La he descubierto en la biblioteca, por supuesto, como lectora impenitente que soy. Le había dado vueltas al tema desde aquella tarde en que mi amigo italiano Giulio me dijo que la palabra de Roma es sexo y me preguntó cuál era la mía. Entonces no supe darle una respuesta, pero pensé que acabaría topándome con ella y que la reconocería en cuanto la viera.

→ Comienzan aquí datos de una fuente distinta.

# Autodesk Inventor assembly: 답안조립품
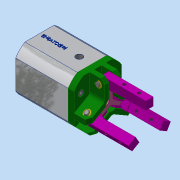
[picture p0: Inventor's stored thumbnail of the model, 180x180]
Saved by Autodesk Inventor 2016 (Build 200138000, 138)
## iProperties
Created: 2020-02
Part Number: 답안조립품
Document SubType Name: Assembly
Designer: Administrator
Author: Administrator
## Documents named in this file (13)
- C:\Users\Administrator\Desktop\700206V1004\답안조립품.iam
- C:\Users\Administrator\Desktop\700206V1004\본체.ipt
- C:\Users\Administrator\Desktop\700206V1004\본체헤드.ipt
- C:\Users\Administrator\Desktop\700206V1004\볼트 M4.ipt
- C:\Users\Administrator\Desktop\700206V1004\피스톤.ipt
- C:\Users\Administrator\Desktop\700206V1004\핀 A.ipt
- C:\Users\Administrator\Desktop\700206V1004\핀 B.ipt
- C:\Users\Administrator\Desktop\700206V1004\핑거.ipt
- C:\Users\Administrator\Desktop\700206V1004\E링.ipt
- C:\Users\Administrator\Desktop\700206V1004\O-RING 12x16.ipt
- C:\Users\Administrator\Desktop\700206V1004\O-RING 18x22.ipt
- C:\Users\Administrator\Desktop\700206V1004\O-RING 34x40.ipt
- C:\Users\Administrator\Desktop\700206V1004\로드.ipt
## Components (20 placed, 8 different names)
1. 피스톤:1
2. 핀 B:1 — 플러쉬:2
3. 핑거:1 — 플러쉬:3
4. E링:1
5. O-RING 12x16:1
6. O-RING 34x40:2
7. 핑거:2 — 플러쉬:2
8. 핑거:3 — 플러쉬:1
9. 핀 B:2 — 플러쉬:1
10. 핀 B:3 — 플러쉬:3
11. E링:2
12. 핀 A:3
13. E링:3
14. E링:4
15. 핀 A:4
16. E링:5
17. E링:6
18. 핀 A:5
19. O-RING 34x40:3
20. O-RING 18x22:1
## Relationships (3: Flush 3)
- 플러쉬:1 [Flush]: 핑거:3 ↔ 핀 B:2
- 플러쉬:2 [Flush]: 핀 B:1 ↔ 핑거:2
- 플러쉬:3 [Flush]: 핑거:1 ↔ 핀 B:3
## Named parameters: d21_d19 = 0, d22_d20 = 0, d23_d19 = 0, d24_d20 = 0
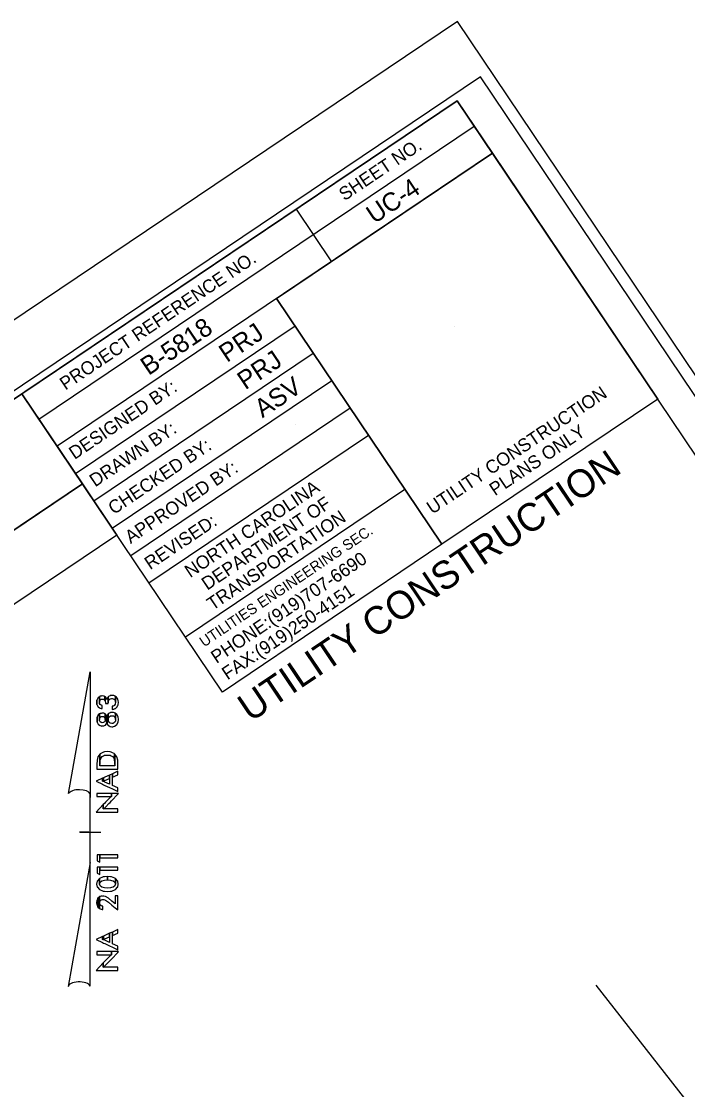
# Model space of a CAD drawing. Extents: x 1439200 to 1640973, y 392611 to 606444.
# Drawn here: x 1640660.5 to 1640762, y 393189.2 to 393351.9 of the extents above; entities that cross this region are included whole.
import ezdxf

# ---------------------------------------------------------------- set-up
doc = ezdxf.new("R2010")
doc.units = 0
for name, color, linetype in [('Matchline', 7, 'Continuous'), ('North Arrow NAD83 CELL', 7, 'Continuous'), ('Old_Level_60', 7, 'Continuous'), ('Sheet Data Field CELL', 7, 'Continuous'), ('Sheet Plot Border Inside CELL', 7, 'Continuous'), ('Sheet Plot Border Outside CELL', 7, 'Continuous'), ('Sheet Sticker Exception Certification CELL', 7, 'Continuous'), ('UC Plan Sheet 34 CELL', 7, 'Continuous')]:
    doc.layers.add(name, color=color, linetype=linetype)

msp = doc.modelspace()

# ---------------------------------------------------------------- linework, layer by layer
at = {"layer": 'Matchline'}
msp.add_line((1640747.99, 393205.15), (1640883.51, 393032.48), dxfattribs=at)
at = {"layer": 'North Arrow NAD83 CELL'}
for p, q in [((1640667.65, 393234.34), (1640670.94, 393252.88)), ((1640670.96, 393252.88), (1640670.94, 393252.88)), ((1640670.96, 393252.88), (1640670.94, 393252.88)), ((1640670.96, 393252.88), (1640670.95, 393233.76)), ((1640670.94, 393223.84), (1640670.95, 393234.32)), ((1640670.95, 393233.76), (1640670.95, 393234.3)), ((1640669.35, 393228.48), (1640669.33, 393228.48)), ((1640670.77, 393228.48), (1640669.35, 393228.48)), ((1640669.37, 393228.48), (1640672.57, 393228.48)), ((1640670.94, 393223.84), (1640667.6, 393204.94)), ((1640670.96, 393205.02), (1640670.94, 393223.84))]:
    msp.add_line(p, q, dxfattribs=at)
for points in [[(1640671.94, 393248.27), (1640671.98, 393247.9), (1640671.98, 393248.56)], [(1640672.74, 393247.29), (1640672.78, 393247.28), (1640672.78, 393247.75), (1640672.74, 393247.76), (1640672.63, 393247.78), (1640672.61, 393247.79), (1640672.61, 393247.79), (1640672.47, 393247.88), (1640672.47, 393247.89), (1640672.46, 393247.91), (1640672.39, 393248.03), (1640672.38, 393248.11), (1640672.37, 393248.14), (1640672.36, 393248.23), (1640672.36, 393249.09), (1640672.18, 393248.98), (1640672.14, 393248.89), (1640672.14, 393248.89), (1640672, 393248.65), (1640671.98, 393248.56), (1640671.98, 393247.9), (1640672, 393247.87), (1640672.14, 393247.59), (1640672.18, 393247.55), (1640672.36, 393247.4), (1640672.37, 393247.39), (1640672.38, 393247.39), (1640672.39, 393247.38), (1640672.46, 393247.36), (1640672.47, 393247.36), (1640672.47, 393247.35), (1640672.61, 393247.3), (1640672.61, 393247.3), (1640672.63, 393247.3)], [(1640673.1, 393248.62), (1640673.16, 393248.58), (1640673.16, 393249.12), (1640673.1, 393249.16), (1640673, 393249.18), (1640672.8, 393249.22), (1640672.79, 393249.22), (1640672.78, 393249.22), (1640672.74, 393249.21), (1640672.63, 393249.19), (1640672.61, 393249.19), (1640672.61, 393249.19), (1640672.61, 393249.19), (1640672.47, 393249.17), (1640672.47, 393249.16), (1640672.46, 393249.16), (1640672.39, 393249.12), (1640672.38, 393249.11), (1640672.37, 393249.1), (1640672.36, 393249.09), (1640672.36, 393248.23), (1640672.37, 393248.38), (1640672.38, 393248.42), (1640672.39, 393248.45), (1640672.46, 393248.57), (1640672.47, 393248.59), (1640672.47, 393248.59), (1640672.61, 393248.69), (1640672.61, 393248.69), (1640672.63, 393248.7), (1640672.74, 393248.72), (1640672.78, 393248.73), (1640672.79, 393248.73), (1640672.8, 393248.73), (1640673, 393248.69)], [(1640673.16, 393248.58), (1640673.24, 393248.41), (1640673.24, 393249.07), (1640673.16, 393249.12)], [(1640673.56, 393248.07), (1640673.68, 393248.07), (1640673.68, 393249.04), (1640673.55, 393248.87), (1640673.5, 393248.67), (1640673.45, 393248.82), (1640673.34, 393249.01), (1640673.27, 393249.06), (1640673.26, 393249.06), (1640673.24, 393249.07), (1640673.24, 393248.41), (1640673.26, 393248.22), (1640673.27, 393248.07), (1640673.34, 393248.07), (1640673.46, 393248.07), (1640673.5, 393248.07)], [(1640674.78, 393248.43), (1640674.81, 393248.26), (1640674.81, 393249.12), (1640674.78, 393249.14), (1640674.76, 393249.15), (1640674.76, 393249.15), (1640674.65, 393249.23), (1640674.64, 393249.23), (1640674.63, 393249.23), (1640674.55, 393249.25), (1640674.45, 393249.26), (1640674.44, 393249.27), (1640674.32, 393249.29), (1640674.22, 393249.28), (1640674.02, 393249.25), (1640673.99, 393249.24), (1640673.85, 393249.17), (1640673.74, 393249.11), (1640673.73, 393249.1), (1640673.69, 393249.05), (1640673.68, 393249.04), (1640673.68, 393248.17), (1640673.69, 393248.32), (1640673.73, 393248.49), (1640673.74, 393248.52), (1640673.85, 393248.68), (1640673.99, 393248.76), (1640674.02, 393248.78), (1640674.22, 393248.81), (1640674.32, 393248.8), (1640674.44, 393248.79), (1640674.45, 393248.78), (1640674.55, 393248.73), (1640674.63, 393248.69), (1640674.64, 393248.68), (1640674.65, 393248.66), (1640674.76, 393248.51)], [(1640675.2, 393247.87), (1640675.24, 393248.27), (1640675.2, 393248.46), (1640675.16, 393248.7), (1640675.05, 393248.88), (1640674.96, 393249.03), (1640674.82, 393249.12), (1640674.81, 393249.12), (1640674.81, 393248.26), (1640674.78, 393247.97), (1640674.76, 393247.95), (1640674.65, 393247.79), (1640674.64, 393247.76), (1640674.63, 393247.76), (1640674.55, 393247.72), (1640674.45, 393247.66), (1640674.44, 393247.66), (1640674.32, 393247.65), (1640674.31, 393247.65), (1640674.31, 393247.15), (1640674.32, 393247.16), (1640674.44, 393247.17), (1640674.45, 393247.17), (1640674.55, 393247.19), (1640674.63, 393247.22), (1640674.64, 393247.22), (1640674.65, 393247.23), (1640674.77, 393247.28), (1640674.78, 393247.28), (1640674.81, 393247.3), (1640674.82, 393247.3), (1640674.96, 393247.45), (1640675.05, 393247.54), (1640675.16, 393247.78)], [(1640673.39, 393244.92), (1640673.48, 393245.08), (1640673.48, 393246.13), (1640673.39, 393246.3), (1640673.39, 393246.3), (1640673.26, 393246.44), (1640673.26, 393246.44), (1640673.23, 393246.46), (1640673.23, 393245.6), (1640673.21, 393245.4), (1640673.11, 393245.25), (1640673.05, 393245.2), (1640673.05, 393245.2), (1640673.04, 393245.2), (1640672.97, 393245.16), (1640672.8, 393245.12), (1640672.74, 393245.14), (1640672.62, 393245.16), (1640672.47, 393245.27), (1640672.47, 393245.27), (1640672.42, 393245.35), (1640672.39, 393245.42), (1640672.36, 393245.61), (1640672.36, 393246.46), (1640672.17, 393246.31), (1640672, 393245.99), (1640672, 393245.22), (1640672.17, 393244.89), (1640672.36, 393244.75), (1640672.39, 393244.73), (1640672.42, 393244.7), (1640672.47, 393244.69), (1640672.47, 393244.69), (1640672.62, 393244.65), (1640672.74, 393244.62), (1640672.8, 393244.63), (1640672.97, 393244.65), (1640673.04, 393244.66), (1640673.05, 393244.66), (1640673.11, 393244.69), (1640673.21, 393244.74), (1640673.23, 393244.75), (1640673.26, 393244.77), (1640673.26, 393244.77), (1640673.39, 393244.92)], [(1640673.2, 393245.81), (1640673.23, 393245.6), (1640673.23, 393246.46), (1640673.2, 393246.47), (1640673.11, 393246.52), (1640673.05, 393246.56), (1640673.04, 393246.56), (1640672.97, 393246.56), (1640672.8, 393246.58), (1640672.8, 393246.58), (1640672.74, 393246.59), (1640672.62, 393246.55), (1640672.47, 393246.52), (1640672.47, 393246.51), (1640672.42, 393246.5), (1640672.39, 393246.47), (1640672.36, 393246.46), (1640672.36, 393245.61), (1640672.39, 393245.79), (1640672.42, 393245.86), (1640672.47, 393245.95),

La vi durante la última semana que iba a pasar en el ashram. Estaba leyendo un texto de yoga clásico que describía a los estudiantes místicos de la Antigüedad. En el párrafo había una antigua palabra clásica: antevasin, que significa «persona que vive al límite». En principio se trataba de una descripción literal. Hacía referencia a una persona que había abandonado el mundanal ruido y vivía al límite del bosque donde moraban los maestros espirituales. El antevasin ya no era un aldeano más, pues no tenía casa ni llevaba una vida convencional. Pero tampoco era uno de esos sabios trascendentes que viven en las profundidades del bosque, sintiéndose plenamente realizados. Estaba en medio. Era una persona que vivía en la frontera. Veía dos mundos distintos, pero tenía la mirada puesta en lo desconocido. Y era un individuo erudito.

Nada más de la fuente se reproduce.